▶ **What needs to be done**: Show every line from the data below that includes "geometry".

▶ **Input data**:
((

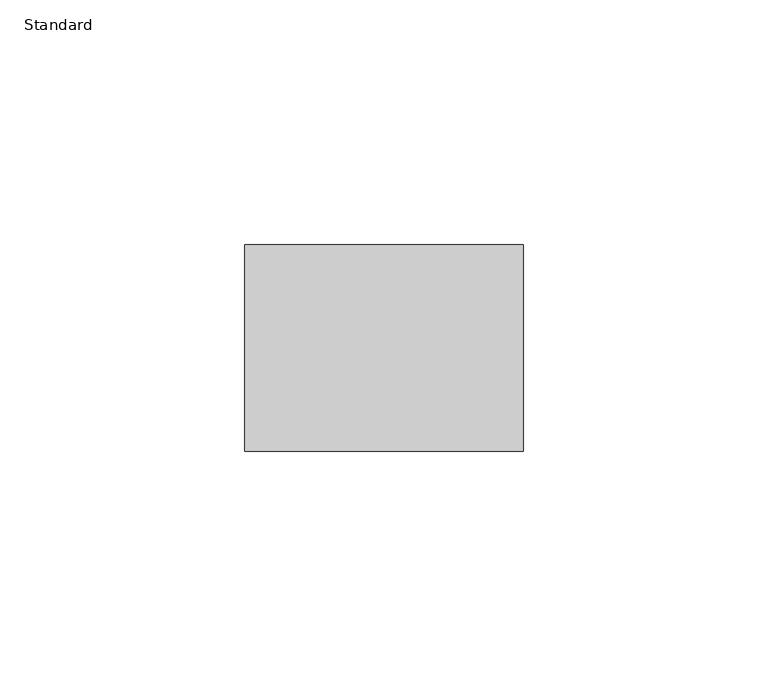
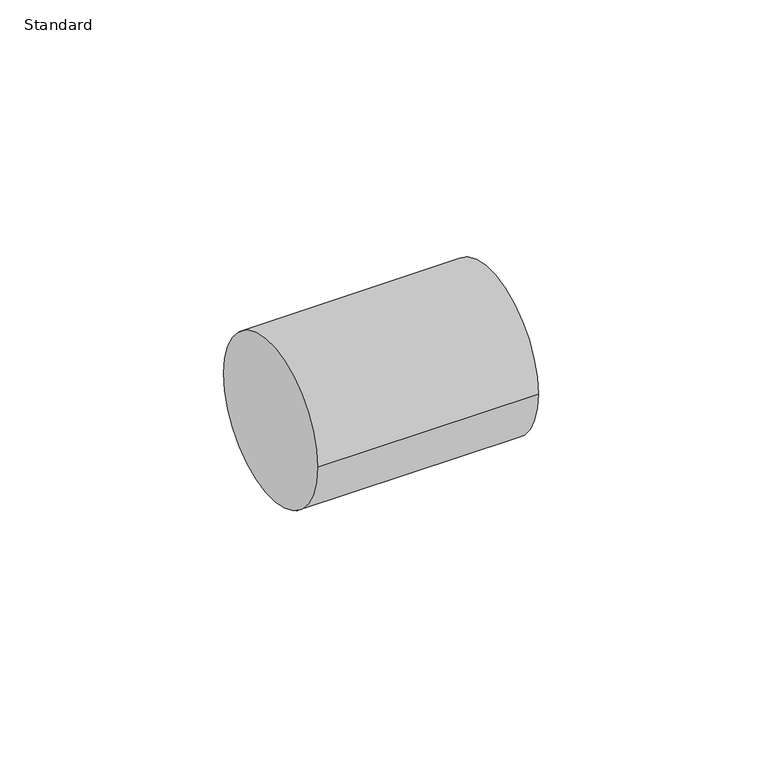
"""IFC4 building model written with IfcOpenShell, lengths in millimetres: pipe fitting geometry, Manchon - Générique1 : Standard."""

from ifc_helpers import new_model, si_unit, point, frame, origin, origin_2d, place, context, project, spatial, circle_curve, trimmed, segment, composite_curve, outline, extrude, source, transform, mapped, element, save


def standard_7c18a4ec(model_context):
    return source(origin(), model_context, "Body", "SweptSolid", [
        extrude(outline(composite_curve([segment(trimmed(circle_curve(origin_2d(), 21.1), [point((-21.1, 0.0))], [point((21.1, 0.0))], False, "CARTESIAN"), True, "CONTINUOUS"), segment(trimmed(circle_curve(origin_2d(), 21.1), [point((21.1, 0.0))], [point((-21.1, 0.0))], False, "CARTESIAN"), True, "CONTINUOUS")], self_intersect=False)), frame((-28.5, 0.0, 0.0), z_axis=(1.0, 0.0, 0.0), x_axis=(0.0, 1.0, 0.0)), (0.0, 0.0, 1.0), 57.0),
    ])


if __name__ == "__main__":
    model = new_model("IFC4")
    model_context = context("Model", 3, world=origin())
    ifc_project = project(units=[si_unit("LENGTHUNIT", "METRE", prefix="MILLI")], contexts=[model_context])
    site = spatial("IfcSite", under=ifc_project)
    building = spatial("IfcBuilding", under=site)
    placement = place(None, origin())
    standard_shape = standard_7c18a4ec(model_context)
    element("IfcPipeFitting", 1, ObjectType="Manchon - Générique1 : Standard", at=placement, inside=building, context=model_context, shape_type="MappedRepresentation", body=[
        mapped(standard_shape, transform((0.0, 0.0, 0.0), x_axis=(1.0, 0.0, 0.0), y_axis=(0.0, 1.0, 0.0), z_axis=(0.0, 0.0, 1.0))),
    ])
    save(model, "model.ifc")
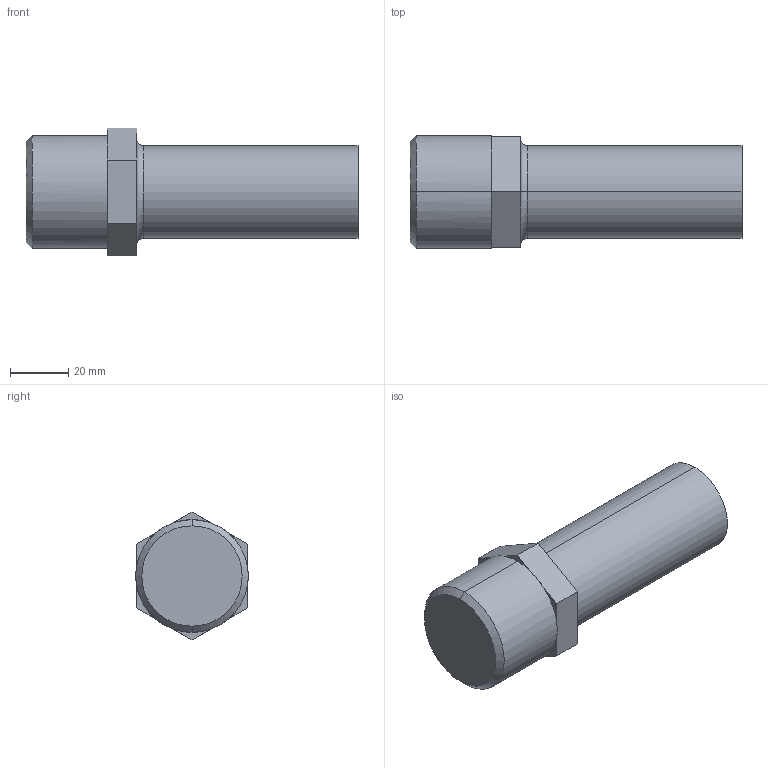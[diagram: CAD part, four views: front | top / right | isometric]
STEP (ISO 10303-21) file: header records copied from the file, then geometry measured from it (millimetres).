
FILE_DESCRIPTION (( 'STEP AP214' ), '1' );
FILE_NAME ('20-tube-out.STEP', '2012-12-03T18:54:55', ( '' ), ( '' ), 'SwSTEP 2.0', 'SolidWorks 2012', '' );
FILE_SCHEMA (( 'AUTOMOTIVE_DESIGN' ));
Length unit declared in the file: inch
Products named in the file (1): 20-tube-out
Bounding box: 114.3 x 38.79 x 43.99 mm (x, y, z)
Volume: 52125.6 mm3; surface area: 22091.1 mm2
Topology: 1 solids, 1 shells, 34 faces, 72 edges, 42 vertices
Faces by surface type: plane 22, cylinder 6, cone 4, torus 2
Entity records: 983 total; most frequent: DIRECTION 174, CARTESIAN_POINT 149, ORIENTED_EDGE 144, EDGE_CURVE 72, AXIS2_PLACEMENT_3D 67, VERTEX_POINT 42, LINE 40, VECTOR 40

))

▶ **Task output**:
"""IFC4 building model written with IfcOpenShell, lengths in millimetres: pipe fitting geometry, Manchon - Générique1 : Standard."""
STEP (ISO 10303-21) file: header records copied from the file, then geometry measured from it (millimetres).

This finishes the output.